Winter Watering Decision Matrix
How To Make The Right Choice
Yesterday was a glorious snow day. There was light fluffy snow falling steadily all day. It gathered about three inches on the car, but this morning, winds have reduced what’s on the ground to a rather negligible half inch. That great day of snow is going to amount to almost no actual water getting into the ground. In dry climates like Colorado, the snow evaporates under relentless winds or high sun and after a day of warm sun, it won’t be muddy or wet in the garden…except in little north side niches.
The taunting appearance of moisture is one of the reasons I made my own winter watering decision matrix…so I would have a methodical approach of deciding when to water in winter and not just let visual clues like ”it snowed all day” decide whether watering is necessary.

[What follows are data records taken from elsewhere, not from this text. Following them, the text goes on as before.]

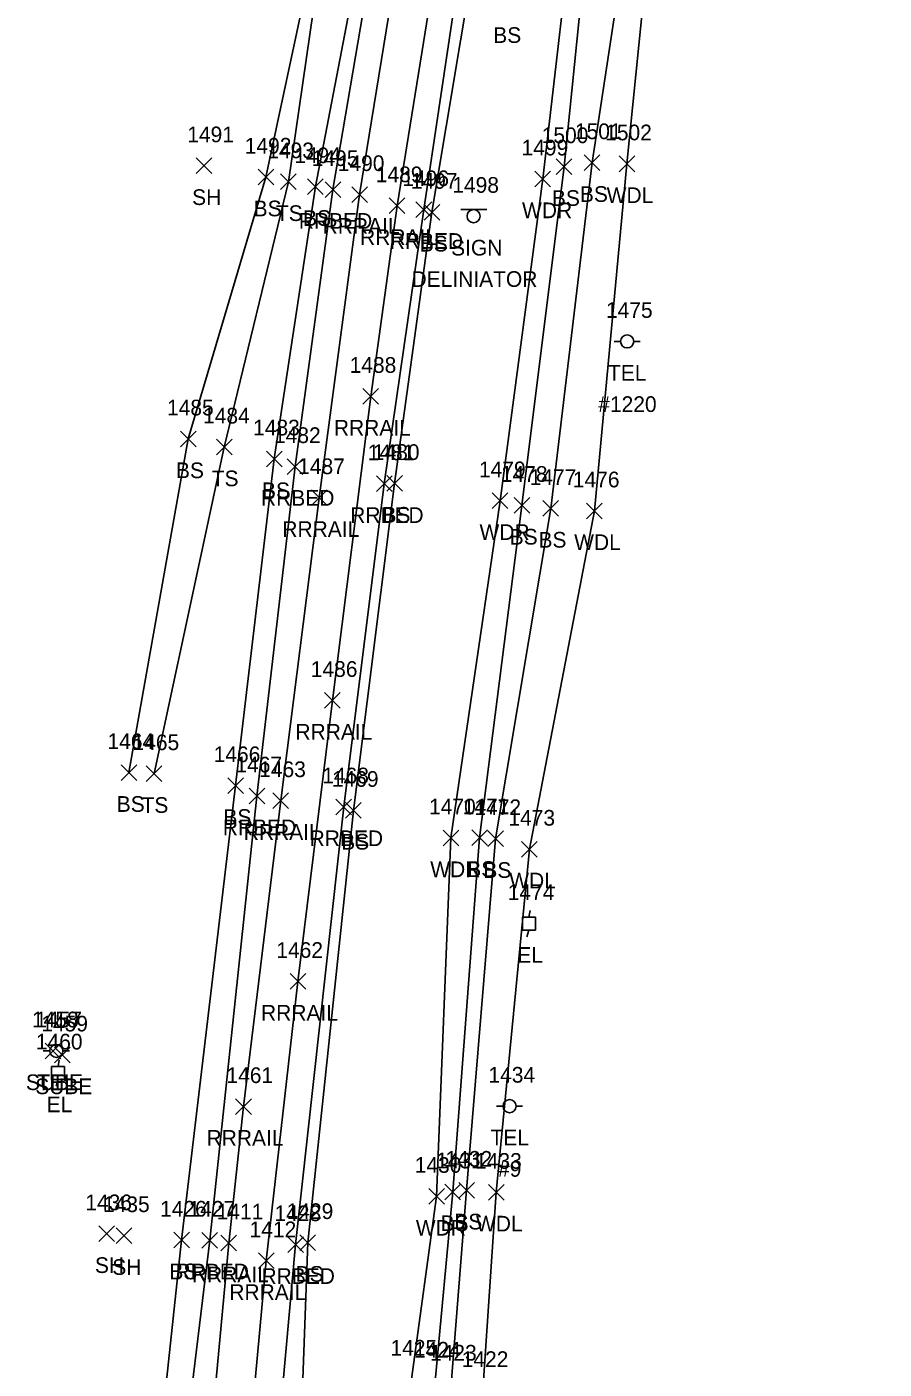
# Model space of a CAD drawing. Extents: x 1769141 to 1770817, y 735471 to 742405.
# Drawn here: x 1770142.5 to 1770251.8, y 741653.9 to 741825.1 of the extents above; entities that cross this region are included whole.
import ezdxf

# ---------------------------------------------------------------- set-up
doc = ezdxf.new("R2010")
doc.units = 0
for name, color, linetype in [('L_A', 7, 'Continuous'), ('L_I', 7, 'Continuous'), ('L_TIC', 7, 'Continuous'), ('LAWA', 7, 'Continuous'), ('LELB', 7, 'Continuous'), ('R_A', 7, 'Continuous'), ('R_I', 7, 'Continuous'), ('R_TIC', 7, 'Continuous'), ('RR', 7, 'Continuous'), ('RRB', 7, 'Continuous'), ('S_A', 7, 'Continuous'), ('S_C', 7, 'Continuous'), ('S_I', 7, 'Continuous'), ('SSGN', 7, 'Continuous'), ('U_A', 7, 'Continuous'), ('U_C', 7, 'Continuous'), ('U_I', 7, 'Continuous'), ('U_TIC', 7, 'Continuous'), ('UEPT', 7, 'Continuous'), ('UP', 7, 'Continuous')]:
    doc.layers.add(name, color=color, linetype=linetype)

msp = doc.modelspace()

# ---------------------------------------------------------------- linework, layer by layer
at = {"layer": 'L_TIC'}
for points in [[(1770213.61, 741806.75), (1770215.61, 741808.75)], [(1770215.61, 741806.75), (1770213.61, 741808.75)], [(1770164.12, 741806.35), (1770166.12, 741808.35)], [(1770166.12, 741806.35), (1770164.12, 741808.35)], [(1770210.04, 741806.24), (1770212.04, 741808.24)], [(1770212.04, 741806.24), (1770210.04, 741808.24)], [(1770218.05, 741806.6), (1770220.05, 741808.6)], [(1770220.05, 741806.6), (1770218.05, 741808.6)], [(1770172.01, 741804.91), (1770174.01, 741806.91)], [(1770174.01, 741804.91), (1770172.01, 741806.91)], [(1770174.88, 741804.31), (1770176.88, 741806.31)], [(1770176.88, 741804.31), (1770174.88, 741806.31)], [(1770178.32, 741803.69), (1770180.32, 741805.69)], [(1770180.32, 741803.69), (1770178.32, 741805.69)], [(1770207.31, 741804.67), (1770209.31, 741806.67)], [(1770209.31, 741804.67), (1770207.31, 741806.67)], [(1770193.19, 741800.42), (1770195.19, 741802.42)], [(1770195.19, 741800.42), (1770193.19, 741802.42)], [(1770162.11, 741771.52), (1770164.11, 741773.52)], [(1770164.11, 741771.52), (1770162.11, 741773.52)], [(1770166.7, 741770.49), (1770168.7, 741772.49)], [(1770168.7, 741770.49), (1770166.7, 741772.49)], [(1770173.08, 741768.97), (1770175.08, 741770.97)], [(1770175.08, 741768.97), (1770173.08, 741770.97)], [(1770188.43, 741765.84), (1770190.43, 741767.84)], [(1770190.43, 741765.84), (1770188.43, 741767.84)], [(1770201.88, 741763.64), (1770203.88, 741765.64)], [(1770203.88, 741763.64), (1770201.88, 741765.64)], [(1770204.66, 741763.05), (1770206.66, 741765.05)], [(1770206.66, 741763.05), (1770204.66, 741765.05)], [(1770208.33, 741762.66), (1770210.33, 741764.66)], [(1770210.33, 741762.66), (1770208.33, 741764.66)], [(1770213.9, 741762.35), (1770215.9, 741764.35)], [(1770215.9, 741762.35), (1770213.9, 741764.35)], [(1770154.56, 741728.97), (1770156.56, 741730.97)], [(1770156.56, 741728.97), (1770154.56, 741730.97)], [(1770157.75, 741728.84), (1770159.75, 741730.84)], [(1770159.75, 741728.84), (1770157.75, 741730.84)], [(1770168.16, 741727.31), (1770170.16, 741729.31)], [(1770170.16, 741727.31), (1770168.16, 741729.31)], [(1770183.18, 741724.16), (1770185.18, 741726.16)], [(1770185.18, 741724.16), (1770183.18, 741726.16)], [(1770195.6, 741720.64), (1770197.6, 741722.64)], [(1770197.6, 741720.64), (1770195.6, 741722.64)], [(1770199.25, 741720.67), (1770201.25, 741722.67)], [(1770201.25, 741720.67), (1770199.25, 741722.67)], [(1770201.3, 741720.55), (1770203.3, 741722.55)], [(1770203.3, 741720.55), (1770201.3, 741722.55)], [(1770205.62, 741719.21), (1770207.62, 741721.21)], [(1770207.62, 741719.21), (1770205.62, 741721.21)], [(1770193.77, 741674.94), (1770195.77, 741676.94)], [(1770195.77, 741674.94), (1770193.77, 741676.94)], [(1770195.84, 741675.51), (1770197.84, 741677.51)], [(1770197.84, 741675.51), (1770195.84, 741677.51)], [(1770197.6, 741675.72), (1770199.6, 741677.72)], [(1770199.6, 741675.72), (1770197.6, 741677.72)], [(1770201.39, 741675.46), (1770203.39, 741677.46)], [(1770203.39, 741675.46), (1770201.39, 741677.46)], [(1770151.73, 741670.17), (1770153.73, 741672.17)], [(1770153.73, 741670.17), (1770151.73, 741672.17)], [(1770153.94, 741669.93), (1770155.94, 741671.93)], [(1770155.94, 741669.93), (1770153.94, 741671.93)], [(1770161.27, 741669.36), (1770163.27, 741671.36)], [(1770163.27, 741669.36), (1770161.27, 741671.36)], [(1770177.36, 741669.05), (1770179.36, 741671.05)], [(1770179.36, 741669.05), (1770177.36, 741671.05)]]:
    msp.add_lwpolyline(points, dxfattribs=at)
at = {"layer": 'LAWA'}
for points in [[(1770200.67, 741651.18), (1770196.63, 741652), (1770194.58, 741652.38), (1770191.59, 741652.63), (1770194.77, 741675.94), (1770196.6, 741721.64), (1770202.88, 741764.64), (1770208.31, 741805.67), (1770212.68, 741843.55)], [(1770200.67, 741651.18), (1770202.39, 741676.46), (1770206.62, 741720.21), (1770214.9, 741763.35), (1770219.05, 741807.6), (1770222.48, 741841.68), (1770219.97, 741843.04), (1770214.71, 741843.41), (1770212.68, 741843.55)]]:
    msp.add_lwpolyline(points, dxfattribs=at)
at = {"layer": 'LELB'}
for points in [[(1770189.51, 741370.79), (1770192.33, 741421.87), (1770190.52, 741443.62), (1770191.25, 741465.52), (1770192.9, 741467.86), (1770192.23, 741494.22), (1770193.26, 741543.26), (1770192.21, 741598.2), (1770194.88, 741636.38), (1770196.63, 741652), (1770198.6, 741676.72), (1770202.3, 741721.55), (1770209.33, 741763.66), (1770214.61, 741807.75), (1770219.97, 741843.04), (1770223.09, 741876.08), (1770226.05, 741889.39), (1770243.39, 741887.35), (1770251.84, 741882.91)], [(1770189.82, 741481.43), (1770190.88, 741494.18), (1770191.42, 741543.22), (1770190.92, 741598.66), (1770192.66, 741636.32), (1770194.58, 741652.38), (1770196.84, 741676.51), (1770200.25, 741721.67), (1770205.66, 741764.05), (1770211.04, 741807.24), (1770214.71, 741843.41), (1770218.13, 741875.72), (1770220.67, 741890.47)], [(1770159.47, 741122.16), (1770155.88, 741129.72), (1770152.26, 741191.83), (1770148.79, 741250.94), (1770147.9, 741304.26), (1770146.46, 741364.5), (1770147.88, 741419.38), (1770149.7, 741479.08), (1770152.69, 741545.1), (1770155.76, 741599.64), (1770158.96, 741639.34), (1770162.27, 741670.36), (1770169.16, 741728.31), (1770174.08, 741769.97), (1770179.32, 741804.69), (1770187.63, 741847.88), (1770194.61, 741886.57)], [(1770170.72, 741118.89), (1770170.78, 741142.85), (1770168.08, 741192.95), (1770167.14, 741250.65), (1770163.56, 741305.09), (1770162.91, 741364.69), (1770162.95, 741418.42), (1770164.45, 741477.75), (1770168.47, 741544.61), (1770171.96, 741598.42), (1770177.16, 741637.54), (1770178.36, 741670.05), (1770184.18, 741725.16), (1770189.43, 741766.84), (1770194.19, 741801.42), (1770201.5, 741845.17), (1770207.42, 741883.86)], [(1770155.56, 741729.97), (1770163.11, 741772.52), (1770173.01, 741805.91), (1770182.25, 741849.08)], [(1770158.75, 741729.84), (1770167.7, 741771.49), (1770175.88, 741805.31), (1770182.25, 741849.08)]]:
    msp.add_lwpolyline(points, dxfattribs=at)
at = {"layer": 'R_TIC'}
for points in [[(1770180.57, 741803.32), (1770182.57, 741805.32)], [(1770182.57, 741803.32), (1770180.57, 741805.32)], [(1770183.96, 741802.68), (1770185.96, 741804.68)], [(1770185.96, 741802.68), (1770183.96, 741804.68)], [(1770188.73, 741801.26), (1770190.73, 741803.26)], [(1770190.73, 741801.26), (1770188.73, 741803.26)], [(1770192.15, 741800.76), (1770194.15, 741802.76)], [(1770194.15, 741800.76), (1770192.15, 741802.76)], [(1770185.38, 741776.95), (1770187.38, 741778.95)], [(1770187.38, 741776.95), (1770185.38, 741778.95)], [(1770175.74, 741768), (1770177.74, 741770)], [(1770177.74, 741768), (1770175.74, 741770)], [(1770187.11, 741765.81), (1770189.11, 741767.81)], [(1770189.11, 741765.81), (1770187.11, 741767.81)], [(1770178.82, 741764.03), (1770180.82, 741766.03)], [(1770180.82, 741764.03), (1770178.82, 741766.03)], [(1770180.49, 741738.18), (1770182.49, 741740.18)], [(1770182.49, 741738.18), (1770180.49, 741740.18)], [(1770170.87, 741725.99), (1770172.87, 741727.99)], [(1770172.87, 741725.99), (1770170.87, 741727.99)], [(1770173.9, 741725.4), (1770175.9, 741727.4)], [(1770175.9, 741725.4), (1770173.9, 741727.4)], [(1770181.94, 741724.6), (1770183.94, 741726.6)], [(1770183.94, 741724.6), (1770181.94, 741726.6)], [(1770176.09, 741702.35), (1770178.09, 741704.35)], [(1770178.09, 741702.35), (1770176.09, 741704.35)], [(1770169.16, 741686.39), (1770171.16, 741688.39)], [(1770171.16, 741686.39), (1770169.16, 741688.39)], [(1770164.85, 741669.35), (1770166.85, 741671.35)], [(1770166.85, 741669.35), (1770164.85, 741671.35)], [(1770167.28, 741668.99), (1770169.28, 741670.99)], [(1770169.28, 741668.99), (1770167.28, 741670.99)], [(1770175.8, 741668.78), (1770177.8, 741670.78)], [(1770177.8, 741668.78), (1770175.8, 741670.78)], [(1770172.06, 741666.73), (1770174.06, 741668.73)], [(1770174.06, 741666.73), (1770172.06, 741668.73)]]:
    msp.add_lwpolyline(points, dxfattribs=at)
at = {"layer": 'RR'}
for points in [[(1770166.02, 741645.78), (1770168.28, 741669.99), (1770170.16, 741687.39), (1770174.9, 741726.4), (1770179.82, 741765.03), (1770184.96, 741803.68), (1770190.21, 741836.07), (1770195.69, 741868.56), (1770199.22, 741889.17), (1770209.87, 741946.53), (1770217, 741981.75), (1770223.18, 742009.88), (1770228.86, 742035.21), (1770233.42, 742054.72)], [(1770169.48, 741629), (1770173.06, 741667.73), (1770177.09, 741703.35), (1770181.49, 741739.18), (1770186.38, 741777.95), (1770189.73, 741802.26), (1770194.57, 741832.07), (1770199.51, 741861.73), (1770205.13, 741894.27), (1770209.73, 741919.85), (1770215.58, 741950.2), (1770216.86, 741956.06), (1770219.87, 741971.28), (1770226.9, 742003.73), (1770230.49, 742019.98), (1770231.83, 742026.33), (1770232.94, 742031.03), (1770234.04, 742035.58), (1770238.5, 742054.13)]]:
    msp.add_lwpolyline(points, dxfattribs=at)
at = {"layer": 'RRB'}
for points in [[(1770159.47, 741122.16), (1770157.22, 741138.41), (1770154.83, 741192.11), (1770151.88, 741250.64), (1770151.59, 741304.35), (1770150.34, 741364.24), (1770150.63, 741419.36), (1770151.12, 741479.07), (1770155.02, 741545.1), (1770158.66, 741599.97), (1770162.08, 741639.22), (1770165.85, 741670.35), (1770171.87, 741726.99), (1770176.74, 741769), (1770181.57, 741804.32), (1770188.88, 741847.51), (1770194.61, 741886.57), (1770198.24, 741898.62)], [(1770170.72, 741118.89), (1770169.25, 741143.07), (1770166.39, 741192.95), (1770164.02, 741250.29), (1770162.37, 741304.75), (1770161.63, 741364.62), (1770161.73, 741418.13), (1770163.48, 741477.78), (1770166.12, 741544.52), (1770169.96, 741598.79), (1770173.92, 741637.73), (1770176.8, 741669.78), (1770182.94, 741725.6), (1770188.11, 741766.81), (1770193.15, 741801.76), (1770199.69, 741845.61), (1770207.42, 741883.86)]]:
    msp.add_lwpolyline(points, dxfattribs=at)
at = {"layer": 'SSGN'}
for p, q in [((1770197.85, 741801.77), (1770201.18, 741801.77)), ((1770199.49, 741800.93), (1770199.49, 741800.93))]:
    msp.add_line(p, q, dxfattribs=at)
msp.add_circle((1770199.49, 741800.93), 0.833, dxfattribs=at)
at = {"layer": 'U_TIC'}
for points in [[(1770144.88, 741693.49), (1770146.88, 741695.49)], [(1770146.88, 741693.49), (1770144.88, 741695.49)], [(1770146.08, 741692.97), (1770148.08, 741694.97)], [(1770148.08, 741692.97), (1770146.08, 741694.97)]]:
    msp.add_lwpolyline(points, dxfattribs=at)
at = {"layer": 'UEPT'}
for p, q in [((1770205.71, 741709.88), (1770205.71, 741711.55)), ((1770205.71, 741711.55), (1770207.37, 741711.55)), ((1770206.71, 741712.38), (1770206.54, 741711.55)), ((1770207.37, 741711.55), (1770207.37, 741709.88)), ((1770207.37, 741709.88), (1770205.71, 741709.88)), ((1770206.29, 741709.05), (1770206.54, 741709.88)), ((1770206.54, 741710.72), (1770206.54, 741710.72)), ((1770145.68, 741690.83), (1770145.68, 741692.5)), ((1770145.68, 741692.5), (1770147.35, 741692.5)), ((1770146.68, 741693.33), (1770146.52, 741692.5)), ((1770147.35, 741692.5), (1770147.35, 741690.83)), ((1770147.35, 741690.83), (1770145.68, 741690.83)), ((1770146.27, 741690), (1770146.52, 741690.83)), ((1770146.52, 741691.67), (1770146.52, 741691.67))]:
    msp.add_line(p, q, dxfattribs=at)
at = {"layer": 'UP'}
for p, q in [((1770217.41, 741784.96), (1770218.23, 741784.96)), ((1770219.07, 741784.96), (1770219.07, 741784.96)), ((1770220.73, 741784.96), (1770219.9, 741784.96)), ((1770219.9, 741784.96), (1770219.9, 741784.96)), ((1770220.73, 741784.96), (1770220.73, 741784.96)), ((1770144.64, 741694.48), (1770145.47, 741694.48)), ((1770146.3, 741694.48), (1770146.3, 741694.48)), ((1770147.97, 741694.48), (1770147.13, 741694.48)), ((1770147.13, 741694.48), (1770147.13, 741694.48)), ((1770147.97, 741694.48), (1770147.97, 741694.48)), ((1770202.42, 741687.43), (1770203.24, 741687.43)), ((1770204.08, 741687.44), (1770204.08, 741687.44)), ((1770205.74, 741687.44), (1770204.91, 741687.44)), ((1770204.91, 741687.44), (1770204.91, 741687.44)), ((1770205.74, 741687.44), (1770205.74, 741687.44))]:
    msp.add_line(p, q, dxfattribs=at)
for centre in [(1770219.07, 741784.96), (1770146.3, 741694.48), (1770204.08, 741687.44)]:
    msp.add_circle(centre, 0.833, dxfattribs=at)

# ---------------------------------------------------------------- texts
at = {"layer": 'L_A'}
for s, p in [('BS', (1770202, 741823.02)), ('SH', (1770163.61, 741802.35)), ('BS', (1770209.48, 741802.24)), ('BS', (1770213.05, 741802.75)), ('WDL', (1770216.46, 741802.6)), ('BS', (1770171.45, 741800.91)), ('TS', (1770174.29, 741800.31)), ('WDR', (1770205.67, 741800.67)), ('BS', (1770177.76, 741799.69)), ('BS', (1770192.63, 741796.42)), ('BS', (1770161.55, 741767.52)), ('TS', (1770166.11, 741766.49)), ('BS', (1770172.52, 741764.97)), ('BS', (1770187.87, 741761.84)), ('WDR', (1770200.25, 741759.64)), ('BS', (1770204.1, 741759.05)), ('BS', (1770207.77, 741758.66)), ('WDL', (1770212.32, 741758.35)), ('BS', (1770154, 741724.97)), ('TS', (1770157.16, 741724.84)), ('BS', (1770167.6, 741723.31)), ('BS', (1770182.62, 741720.16)), ('WDR', (1770193.97, 741716.64)), ('BS', (1770198.69, 741716.67)), ('BS', (1770200.74, 741716.55)), ('WDL', (1770204.04, 741715.21)), ('BS', (1770195.28, 741671.51)), ('BS', (1770197.04, 741671.72)), ('WDL', (1770199.8, 741671.46)), ('WDR', (1770192.13, 741670.94)), ('SH', (1770151.22, 741666.17)), ('SH', (1770153.43, 741665.93)), ('BS', (1770160.71, 741665.36)), ('BS', (1770176.8, 741665.05))]:
    msp.add_text(s, height=2, dxfattribs=at).set_placement(p)
at = {"layer": 'L_I'}
for s, p in [('1491', (1770162.99, 741810.35)), ('1500', (1770208.18, 741810.24)), ('1501', (1770212.41, 741810.75)), ('1502', (1770216.27, 741810.6)), ('1492', (1770170.32, 741808.91)), ('1499', (1770205.61, 741808.67)), ('1493', (1770173.19, 741808.31)), ('1494', (1770176.63, 741807.69)), ('1497', (1770191.5, 741804.42)), ('1485', (1770160.41, 741775.52)), ('1484', (1770165.01, 741774.49)), ('1483', (1770171.39, 741772.97)), ('1480', (1770186.65, 741769.84)), ('1479', (1770200.18, 741767.64)), ('1478', (1770202.97, 741767.05)), ('1477', (1770206.64, 741766.66)), ('1476', (1770212.15, 741766.35)), ('1464', (1770152.82, 741732.97)), ('1465', (1770156.01, 741732.84)), ('1466', (1770166.36, 741731.31)), ('1469', (1770181.43, 741728.16)), ('1470', (1770193.82, 741724.64)), ('1471', (1770198.12, 741724.67)), ('1472', (1770199.6, 741724.55)), ('1473', (1770203.93, 741723.21)), ('1430', (1770191.99, 741678.94)), ('1431', (1770194.71, 741679.51)), ('1432', (1770195.91, 741679.72)), ('1433', (1770199.69, 741679.46)), ('1436', (1770149.99, 741674.17)), ('1435', (1770152.25, 741673.93)), ('1426', (1770159.52, 741673.36)), ('1429', (1770175.66, 741673.05)), ('1425', (1770188.9, 741655.63)), ('1425', (1770188.9, 741655.63)), ('1424', (1770191.89, 741655.38)), ('1424', (1770191.89, 741655.38)), ('1423', (1770193.94, 741655)), ('1423', (1770193.94, 741655)), ('1422', (1770197.98, 741654.18)), ('1422', (1770197.98, 741654.18)), ('1422', (1770197.98, 741654.18))]:
    msp.add_text(s, height=2, dxfattribs=at).set_placement(p)
at = {"layer": 'R_A'}
for s, p in [('RRBED', (1770177.21, 741799.32)), ('RRRAIL', (1770180.25, 741798.68)), ('RRRAIL', (1770185.02, 741797.26)), ('RRBED', (1770188.8, 741796.76)), ('RRRAIL', (1770181.68, 741772.95)), ('RRBED', (1770172.39, 741764)), ('RRBED', (1770183.76, 741761.81)), ('RRRAIL', (1770175.11, 741760.03)), ('RRRAIL', (1770176.78, 741734.18)), ('RRBED', (1770167.52, 741721.99)), ('RRRAIL', (1770170.19, 741721.4)), ('RRBED', (1770178.59, 741720.6)), ('RRRAIL', (1770172.39, 741698.35)), ('RRRAIL', (1770165.45, 741682.39)), ('RRBED', (1770161.49, 741665.35)), ('RRRAIL', (1770163.58, 741664.99)), ('RRBED', (1770172.45, 741664.78)), ('RRRAIL', (1770168.35, 741662.73))]:
    msp.add_text(s, height=2, dxfattribs=at).set_placement(p)
at = {"layer": 'R_I'}
for s, p in [('1495', (1770178.87, 741807.32)), ('1490', (1770182.18, 741806.68)), ('1489', (1770187.03, 741805.26)), ('1496', (1770190.41, 741804.76)), ('1488', (1770183.69, 741780.95)), ('1482', (1770174.05, 741772)), ('1481', (1770185.99, 741769.81)), ('1487', (1770177.13, 741768.03)), ('1486', (1770178.74, 741742.18)), ('1467', (1770169.13, 741729.99)), ('1463', (1770172.16, 741729.4)), ('1468', (1770180.2, 741728.6)), ('1462', (1770174.35, 741706.35)), ('1461', (1770167.99, 741690.39)), ('1427', (1770163.15, 741673.35)), ('1411', (1770166.73, 741672.99)), ('1428', (1770174.11, 741672.78)), ('1412', (1770170.93, 741670.73))]:
    msp.add_text(s, height=2, dxfattribs=at).set_placement(p)
at = {"layer": 'S_A'}
msp.add_text('SIGN', height=2, dxfattribs=at).set_placement((1770196.63, 741795.91))
at = {"layer": 'S_C'}
msp.add_text('DELINIATOR', height=2, dxfattribs=at).set_placement((1770191.58, 741791.91))
at = {"layer": 'S_I'}
msp.add_text('1498', height=2, dxfattribs=at).set_placement((1770196.78, 741803.91))
at = {"layer": 'U_A'}
for s, p in [('TEL', (1770216.63, 741779.96)), ('EL', (1770205.08, 741705.72)), ('SUBE', (1770142.42, 741689.49)), ('SUBE', (1770143.61, 741688.97)), ('TEL', (1770143.86, 741689.48)), ('EL', (1770145.05, 741686.67)), ('TEL', (1770201.64, 741682.44))]:
    msp.add_text(s, height=2, dxfattribs=at).set_placement(p)
at = {"layer": 'U_C'}
for s, p in [('#1220', (1770215.39, 741775.96)), ('#9', (1770202.61, 741678.44))]:
    msp.add_text(s, height=2, dxfattribs=at).set_placement(p)
at = {"layer": 'U_I'}
for s, p in [('1475', (1770216.37, 741787.96)), ('1474', (1770203.85, 741713.72)), ('1458', (1770143.19, 741697.49)), ('1457', (1770143.61, 741697.48)), ('1459', (1770144.38, 741696.97)), ('1460', (1770143.69, 741694.67)), ('1434', (1770201.39, 741690.44))]:
    msp.add_text(s, height=2, dxfattribs=at).set_placement(p)

doc.saveas('drawing.dxf')

So here’s my Decision Matrix for Wintering Watering:
Has it been dry without significant precipitation or snow cover for the last two weeks and/or have the temperatures been warmer than usual?
If yes, the next step is to walk outside and ask,
“Is the ground frozen?”
If the soil is frozen, winter watering doesn’t help anything. Any water would just roll off the soil and not do the plants any good. Go back inside.
I usually wait until a couple of days of warmer or sunnier mid-day temps and repeat the “Is the ground frozen?” question in the afternoon.
When the soil is thawed, then the next question is,
Did I plant new plants in 2012? If the answer is yes….then you need to winter water those plants once a month during dry times. This is true for new trees, bushes and perennials. You need a good slow soak right at the root ball.
Now move to other parts of the garden with older plants and ask, “When I put my finger in the soil, is it moist one inch down? You’re checking the soil here….not just the mulch on top of the soil. If it’s still moist, then go back inside and leave the water in the aquifers.
If the soil is dry an inch down, water now to save the lives of your plants and especially your trees which have suffered greatly with drought in most of the country over the last year.
Water slowly so it can seep into the soil. A good rule of thumb is 10 gallons of water per inch of stem caliper. If you have one of those root watering spikes….insert it shallowly…less then six inches….most roots are rather shallow and you don’t want to water under the roots.
Here are resources: a winter watering fact sheet, and the US Drought Index. Most of the country is under greater drought now than it was a year ago. In Colorado after the drought in 2002, we lost many of our trees the following years….because the impact of one year of drought stresses trees and plants for years. So this is the time to save your landscape. Don’t water on top of snow or frozen soil….but keep your decision matrix in mind as we finish out this winter.